··· DATA RECORDS

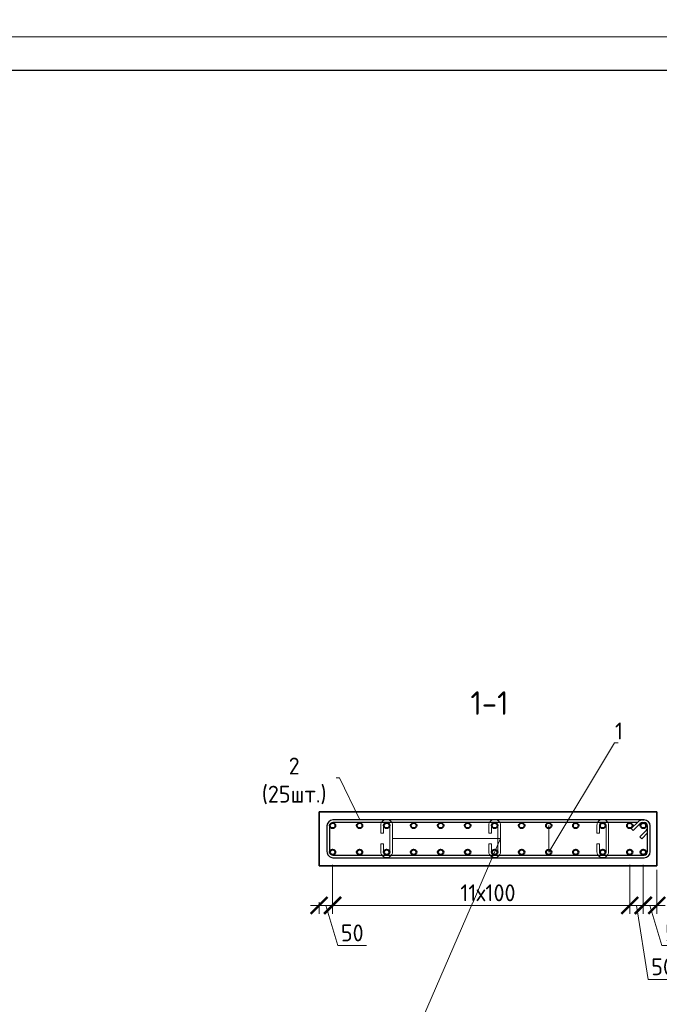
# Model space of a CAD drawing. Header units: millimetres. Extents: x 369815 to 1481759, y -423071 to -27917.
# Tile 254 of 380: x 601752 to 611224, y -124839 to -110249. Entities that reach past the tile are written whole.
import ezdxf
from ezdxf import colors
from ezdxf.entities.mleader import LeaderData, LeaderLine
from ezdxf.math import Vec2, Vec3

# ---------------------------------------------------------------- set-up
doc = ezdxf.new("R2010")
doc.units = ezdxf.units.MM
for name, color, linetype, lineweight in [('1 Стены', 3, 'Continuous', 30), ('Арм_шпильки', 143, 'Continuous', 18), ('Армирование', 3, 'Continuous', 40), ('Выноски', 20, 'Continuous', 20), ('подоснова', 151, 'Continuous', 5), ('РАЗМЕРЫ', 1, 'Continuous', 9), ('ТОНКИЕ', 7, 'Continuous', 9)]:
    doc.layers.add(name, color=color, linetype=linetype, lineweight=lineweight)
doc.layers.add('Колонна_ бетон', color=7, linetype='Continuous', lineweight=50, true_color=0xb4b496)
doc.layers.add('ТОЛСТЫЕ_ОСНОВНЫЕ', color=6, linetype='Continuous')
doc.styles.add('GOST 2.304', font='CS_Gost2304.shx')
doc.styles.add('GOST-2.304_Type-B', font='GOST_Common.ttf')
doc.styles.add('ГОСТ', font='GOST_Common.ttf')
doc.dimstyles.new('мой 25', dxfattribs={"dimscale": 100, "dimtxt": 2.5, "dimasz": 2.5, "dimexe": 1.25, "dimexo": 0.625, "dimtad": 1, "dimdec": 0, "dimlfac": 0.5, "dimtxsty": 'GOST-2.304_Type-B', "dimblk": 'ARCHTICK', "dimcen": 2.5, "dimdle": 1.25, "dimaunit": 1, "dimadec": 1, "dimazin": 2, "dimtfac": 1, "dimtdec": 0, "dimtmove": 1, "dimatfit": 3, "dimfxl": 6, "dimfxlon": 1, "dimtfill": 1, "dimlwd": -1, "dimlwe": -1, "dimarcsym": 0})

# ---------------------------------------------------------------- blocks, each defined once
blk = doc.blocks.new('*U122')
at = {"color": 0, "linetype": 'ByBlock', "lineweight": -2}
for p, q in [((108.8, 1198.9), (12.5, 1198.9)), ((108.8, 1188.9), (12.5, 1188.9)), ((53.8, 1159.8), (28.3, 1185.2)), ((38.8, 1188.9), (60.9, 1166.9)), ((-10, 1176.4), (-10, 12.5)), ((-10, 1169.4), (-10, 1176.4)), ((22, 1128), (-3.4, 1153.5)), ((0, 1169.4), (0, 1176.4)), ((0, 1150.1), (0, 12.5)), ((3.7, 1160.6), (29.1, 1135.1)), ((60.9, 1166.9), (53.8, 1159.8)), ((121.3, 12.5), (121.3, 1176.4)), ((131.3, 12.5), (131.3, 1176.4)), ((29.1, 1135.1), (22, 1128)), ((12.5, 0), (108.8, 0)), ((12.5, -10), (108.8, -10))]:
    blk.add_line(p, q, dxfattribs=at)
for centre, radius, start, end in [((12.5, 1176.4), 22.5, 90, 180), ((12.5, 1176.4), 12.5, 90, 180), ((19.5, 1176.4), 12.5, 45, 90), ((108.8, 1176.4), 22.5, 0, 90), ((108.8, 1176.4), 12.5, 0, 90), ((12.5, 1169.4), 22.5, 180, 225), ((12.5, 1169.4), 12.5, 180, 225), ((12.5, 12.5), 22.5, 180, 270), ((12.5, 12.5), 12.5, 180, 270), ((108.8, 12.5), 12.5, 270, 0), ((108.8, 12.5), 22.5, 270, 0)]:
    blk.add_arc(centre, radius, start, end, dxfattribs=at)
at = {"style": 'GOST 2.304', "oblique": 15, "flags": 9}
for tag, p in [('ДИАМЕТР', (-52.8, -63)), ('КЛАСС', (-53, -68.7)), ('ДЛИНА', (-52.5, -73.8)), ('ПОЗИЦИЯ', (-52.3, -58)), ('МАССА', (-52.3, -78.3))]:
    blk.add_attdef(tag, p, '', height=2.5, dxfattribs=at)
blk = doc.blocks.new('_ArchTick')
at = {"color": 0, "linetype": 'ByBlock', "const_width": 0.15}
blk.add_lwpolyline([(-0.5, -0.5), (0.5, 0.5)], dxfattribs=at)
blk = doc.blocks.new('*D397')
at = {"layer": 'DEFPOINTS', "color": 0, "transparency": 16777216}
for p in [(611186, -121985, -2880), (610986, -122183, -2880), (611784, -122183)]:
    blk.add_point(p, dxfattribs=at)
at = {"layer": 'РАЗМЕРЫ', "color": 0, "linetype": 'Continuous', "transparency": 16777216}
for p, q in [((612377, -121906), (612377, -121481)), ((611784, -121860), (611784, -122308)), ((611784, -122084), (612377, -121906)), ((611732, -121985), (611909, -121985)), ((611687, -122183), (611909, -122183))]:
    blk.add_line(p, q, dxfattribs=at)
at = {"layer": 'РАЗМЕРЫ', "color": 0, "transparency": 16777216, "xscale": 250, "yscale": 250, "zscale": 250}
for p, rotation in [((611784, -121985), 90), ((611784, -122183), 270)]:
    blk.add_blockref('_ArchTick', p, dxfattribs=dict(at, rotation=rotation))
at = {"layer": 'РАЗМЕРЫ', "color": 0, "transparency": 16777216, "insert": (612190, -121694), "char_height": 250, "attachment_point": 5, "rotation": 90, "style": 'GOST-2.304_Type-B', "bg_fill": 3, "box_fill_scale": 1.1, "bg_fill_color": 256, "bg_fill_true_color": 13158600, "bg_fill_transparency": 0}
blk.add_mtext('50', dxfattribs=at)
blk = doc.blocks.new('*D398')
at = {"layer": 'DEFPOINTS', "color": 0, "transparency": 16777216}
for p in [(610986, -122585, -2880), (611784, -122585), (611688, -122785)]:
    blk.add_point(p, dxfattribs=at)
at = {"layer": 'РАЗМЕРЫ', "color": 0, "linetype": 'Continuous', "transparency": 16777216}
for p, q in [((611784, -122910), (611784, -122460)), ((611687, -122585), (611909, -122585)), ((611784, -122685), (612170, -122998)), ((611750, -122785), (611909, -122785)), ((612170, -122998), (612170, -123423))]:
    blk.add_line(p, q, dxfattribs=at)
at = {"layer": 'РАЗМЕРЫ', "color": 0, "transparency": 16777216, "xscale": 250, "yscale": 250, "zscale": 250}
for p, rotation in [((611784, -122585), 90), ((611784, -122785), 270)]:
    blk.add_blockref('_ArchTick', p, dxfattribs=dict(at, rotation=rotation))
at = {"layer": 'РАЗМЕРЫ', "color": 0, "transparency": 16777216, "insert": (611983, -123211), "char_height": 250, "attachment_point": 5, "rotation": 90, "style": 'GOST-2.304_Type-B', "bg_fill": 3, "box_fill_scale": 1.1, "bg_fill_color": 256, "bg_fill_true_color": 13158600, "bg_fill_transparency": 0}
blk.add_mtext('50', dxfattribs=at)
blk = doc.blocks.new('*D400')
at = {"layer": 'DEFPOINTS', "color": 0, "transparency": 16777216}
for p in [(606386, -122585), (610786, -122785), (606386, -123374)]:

······

WHAT YOU SHOULD DO: Set down all the lines above exactly as they appear, with no pictures.

EXERCISE SOLUTION:
# Model space of a CAD drawing. Header units: millimetres. Extents: x 369815 to 1481759, y -423071 to -27917.
# Tile 254 of 380: x 601752 to 611224, y -124839 to -110249. Entities that reach past the tile are written whole.
import ezdxf
from ezdxf import colors
from ezdxf.entities.mleader import LeaderData, LeaderLine
from ezdxf.math import Vec2, Vec3

# ---------------------------------------------------------------- set-up
doc = ezdxf.new("R2010")
doc.units = ezdxf.units.MM
for name, color, linetype, lineweight in [('1 Стены', 3, 'Continuous', 30), ('Арм_шпильки', 143, 'Continuous', 18), ('Армирование', 3, 'Continuous', 40), ('Выноски', 20, 'Continuous', 20), ('подоснова', 151, 'Continuous', 5), ('РАЗМЕРЫ', 1, 'Continuous', 9), ('ТОНКИЕ', 7, 'Continuous', 9)]:
    doc.layers.add(name, color=color, linetype=linetype, lineweight=lineweight)
doc.layers.add('Колонна_ бетон', color=7, linetype='Continuous', lineweight=50, true_color=0xb4b496)
doc.layers.add('ТОЛСТЫЕ_ОСНОВНЫЕ', color=6, linetype='Continuous')
doc.styles.add('GOST 2.304', font='CS_Gost2304.shx')
doc.styles.add('GOST-2.304_Type-B', font='GOST_Common.ttf')
doc.styles.add('ГОСТ', font='GOST_Common.ttf')
doc.dimstyles.new('мой 25', dxfattribs={"dimscale": 100, "dimtxt": 2.5, "dimasz": 2.5, "dimexe": 1.25, "dimexo": 0.625, "dimtad": 1, "dimdec": 0, "dimlfac": 0.5, "dimtxsty": 'GOST-2.304_Type-B', "dimblk": 'ARCHTICK', "dimcen": 2.5, "dimdle": 1.25, "dimaunit": 1, "dimadec": 1, "dimazin": 2, "dimtfac": 1, "dimtdec": 0, "dimtmove": 1, "dimatfit": 3, "dimfxl": 6, "dimfxlon": 1, "dimtfill": 1, "dimlwd": -1, "dimlwe": -1, "dimarcsym": 0})

# ---------------------------------------------------------------- blocks, each defined once
blk = doc.blocks.new('*U122')
at = {"color": 0, "linetype": 'ByBlock', "lineweight": -2}
for p, q in [((108.8, 1198.9), (12.5, 1198.9)), ((108.8, 1188.9), (12.5, 1188.9)), ((53.8, 1159.8), (28.3, 1185.2)), ((38.8, 1188.9), (60.9, 1166.9)), ((-10, 1176.4), (-10, 12.5)), ((-10, 1169.4), (-10, 1176.4)), ((22, 1128), (-3.4, 1153.5)), ((0, 1169.4), (0, 1176.4)), ((0, 1150.1), (0, 12.5)), ((3.7, 1160.6), (29.1, 1135.1)), ((60.9, 1166.9), (53.8, 1159.8)), ((121.3, 12.5), (121.3, 1176.4)), ((131.3, 12.5), (131.3, 1176.4)), ((29.1, 1135.1), (22, 1128)), ((12.5, 0), (108.8, 0)), ((12.5, -10), (108.8, -10))]:
    blk.add_line(p, q, dxfattribs=at)
for centre, radius, start, end in [((12.5, 1176.4), 22.5, 90, 180), ((12.5, 1176.4), 12.5, 90, 180), ((19.5, 1176.4), 12.5, 45, 90), ((108.8, 1176.4), 22.5, 0, 90), ((108.8, 1176.4), 12.5, 0, 90), ((12.5, 1169.4), 22.5, 180, 225), ((12.5, 1169.4), 12.5, 180, 225), ((12.5, 12.5), 22.5, 180, 270), ((12.5, 12.5), 12.5, 180, 270), ((108.8, 12.5), 12.5, 270, 0), ((108.8, 12.5), 22.5, 270, 0)]:
    blk.add_arc(centre, radius, start, end, dxfattribs=at)
at = {"style": 'GOST 2.304', "oblique": 15, "flags": 9}
for tag, p in [('ДИАМЕТР', (-52.8, -63)), ('КЛАСС', (-53, -68.7)), ('ДЛИНА', (-52.5, -73.8)), ('ПОЗИЦИЯ', (-52.3, -58)), ('МАССА', (-52.3, -78.3))]:
    blk.add_attdef(tag, p, '', height=2.5, dxfattribs=at)
blk = doc.blocks.new('_ArchTick')
at = {"color": 0, "linetype": 'ByBlock', "const_width": 0.15}
blk.add_lwpolyline([(-0.5, -0.5), (0.5, 0.5)], dxfattribs=at)
blk = doc.blocks.new('*D397')
at = {"layer": 'DEFPOINTS', "color": 0, "transparency": 16777216}
for p in [(611186, -121985, -2880), (610986, -122183, -2880), (611784, -122183)]:
    blk.add_point(p, dxfattribs=at)
at = {"layer": 'РАЗМЕРЫ', "color": 0, "linetype": 'Continuous', "transparency": 16777216}
for p, q in [((612377, -121906), (612377, -121481)), ((611784, -121860), (611784, -122308)), ((611784, -122084), (612377, -121906)), ((611732, -121985), (611909, -121985)), ((611687, -122183), (611909, -122183))]:
    blk.add_line(p, q, dxfattribs=at)
at = {"layer": 'РАЗМЕРЫ', "color": 0, "transparency": 16777216, "xscale": 250, "yscale": 250, "zscale": 250}
for p, rotation in [((611784, -121985), 90), ((611784, -122183), 270)]:
    blk.add_blockref('_ArchTick', p, dxfattribs=dict(at, rotation=rotation))
at = {"layer": 'РАЗМЕРЫ', "color": 0, "transparency": 16777216, "insert": (612190, -121694), "char_height": 250, "attachment_point": 5, "rotation": 90, "style": 'GOST-2.304_Type-B', "bg_fill": 3, "box_fill_scale": 1.1, "bg_fill_color": 256, "bg_fill_true_color": 13158600, "bg_fill_transparency": 0}
blk.add_mtext('50', dxfattribs=at)
blk = doc.blocks.new('*D398')
at = {"layer": 'DEFPOINTS', "color": 0, "transparency": 16777216}
for p in [(610986, -122585, -2880), (611784, -122585), (611688, -122785)]:
    blk.add_point(p, dxfattribs=at)
at = {"layer": 'РАЗМЕРЫ', "color": 0, "linetype": 'Continuous', "transparency": 16777216}
for p, q in [((611784, -122910), (611784, -122460)), ((611687, -122585), (611909, -122585)), ((611784, -122685), (612170, -122998)), ((611750, -122785), (611909, -122785)), ((612170, -122998), (612170, -123423))]:
    blk.add_line(p, q, dxfattribs=at)
at = {"layer": 'РАЗМЕРЫ', "color": 0, "transparency": 16777216, "xscale": 250, "yscale": 250, "zscale": 250}
for p, rotation in [((611784, -122585), 90), ((611784, -122785), 270)]:
    blk.add_blockref('_ArchTick', p, dxfattribs=dict(at, rotation=rotation))
at = {"layer": 'РАЗМЕРЫ', "color": 0, "transparency": 16777216, "insert": (611983, -123211), "char_height": 250, "attachment_point": 5, "rotation": 90, "style": 'GOST-2.304_Type-B', "bg_fill": 3, "box_fill_scale": 1.1, "bg_fill_color": 256, "bg_fill_true_color": 13158600, "bg_fill_transparency": 0}
blk.add_mtext('50', dxfattribs=at)
blk = doc.blocks.new('*D400')
at = {"layer": 'DEFPOINTS', "color": 0, "transparency": 16777216}
for p in [(606386, -122585), (610786, -122785), (606386, -123374)]:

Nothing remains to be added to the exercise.